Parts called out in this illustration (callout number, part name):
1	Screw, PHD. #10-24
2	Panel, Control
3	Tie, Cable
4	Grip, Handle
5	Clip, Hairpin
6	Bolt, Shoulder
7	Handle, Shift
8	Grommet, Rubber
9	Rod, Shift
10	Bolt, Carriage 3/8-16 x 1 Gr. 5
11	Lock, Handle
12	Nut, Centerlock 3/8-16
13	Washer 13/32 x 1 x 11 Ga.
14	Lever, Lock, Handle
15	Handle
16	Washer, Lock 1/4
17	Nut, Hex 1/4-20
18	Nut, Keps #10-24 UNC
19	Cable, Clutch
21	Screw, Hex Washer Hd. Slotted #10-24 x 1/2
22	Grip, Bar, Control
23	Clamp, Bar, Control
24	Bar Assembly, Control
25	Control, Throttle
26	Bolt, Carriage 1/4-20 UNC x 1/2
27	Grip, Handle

...

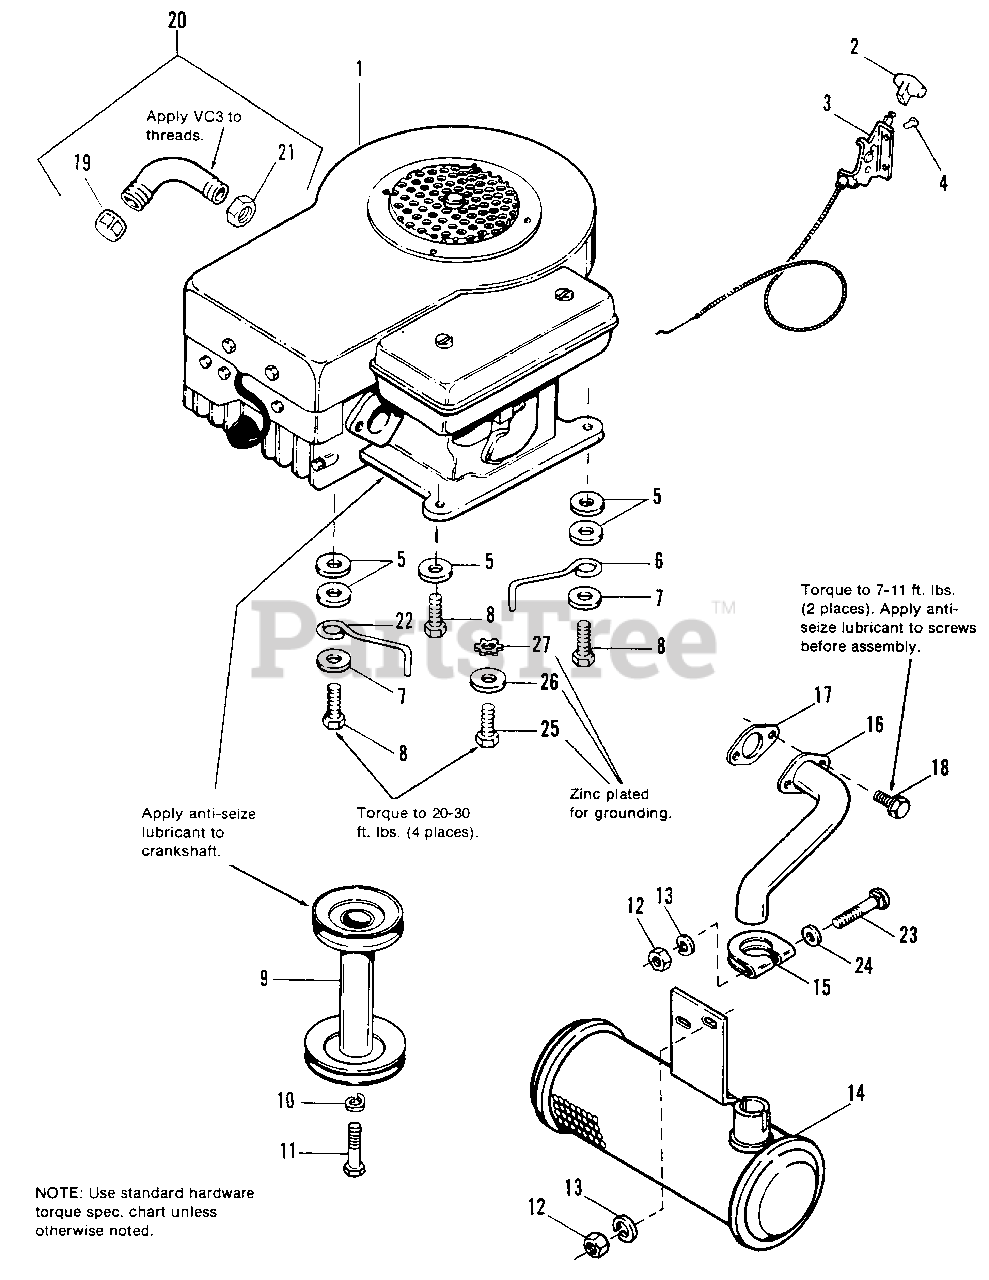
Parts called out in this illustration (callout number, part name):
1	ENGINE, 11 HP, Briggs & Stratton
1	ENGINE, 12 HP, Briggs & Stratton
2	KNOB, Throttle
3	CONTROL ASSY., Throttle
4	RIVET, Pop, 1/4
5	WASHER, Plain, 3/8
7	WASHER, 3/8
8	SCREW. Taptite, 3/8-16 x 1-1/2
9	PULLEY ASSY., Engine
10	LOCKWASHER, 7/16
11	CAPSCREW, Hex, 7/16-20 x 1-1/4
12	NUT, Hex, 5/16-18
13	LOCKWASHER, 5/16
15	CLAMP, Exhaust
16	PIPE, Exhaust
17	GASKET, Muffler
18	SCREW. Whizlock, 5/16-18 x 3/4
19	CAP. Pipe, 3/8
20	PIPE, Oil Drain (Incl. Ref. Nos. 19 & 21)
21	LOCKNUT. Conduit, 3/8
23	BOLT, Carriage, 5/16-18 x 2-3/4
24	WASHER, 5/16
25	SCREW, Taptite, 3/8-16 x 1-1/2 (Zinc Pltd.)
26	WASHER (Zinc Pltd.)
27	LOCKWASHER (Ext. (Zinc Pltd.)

> [Task to complete]
Your response should be each line that includes the word "Carriage", copied from the records.

> [Answer space]
10	Bolt, Carriage 3/8-16 x 1 Gr. 5
26	Bolt, Carriage 1/4-20 UNC x 1/2
23	BOLT, Carriage, 5/16-18 x 2-3/4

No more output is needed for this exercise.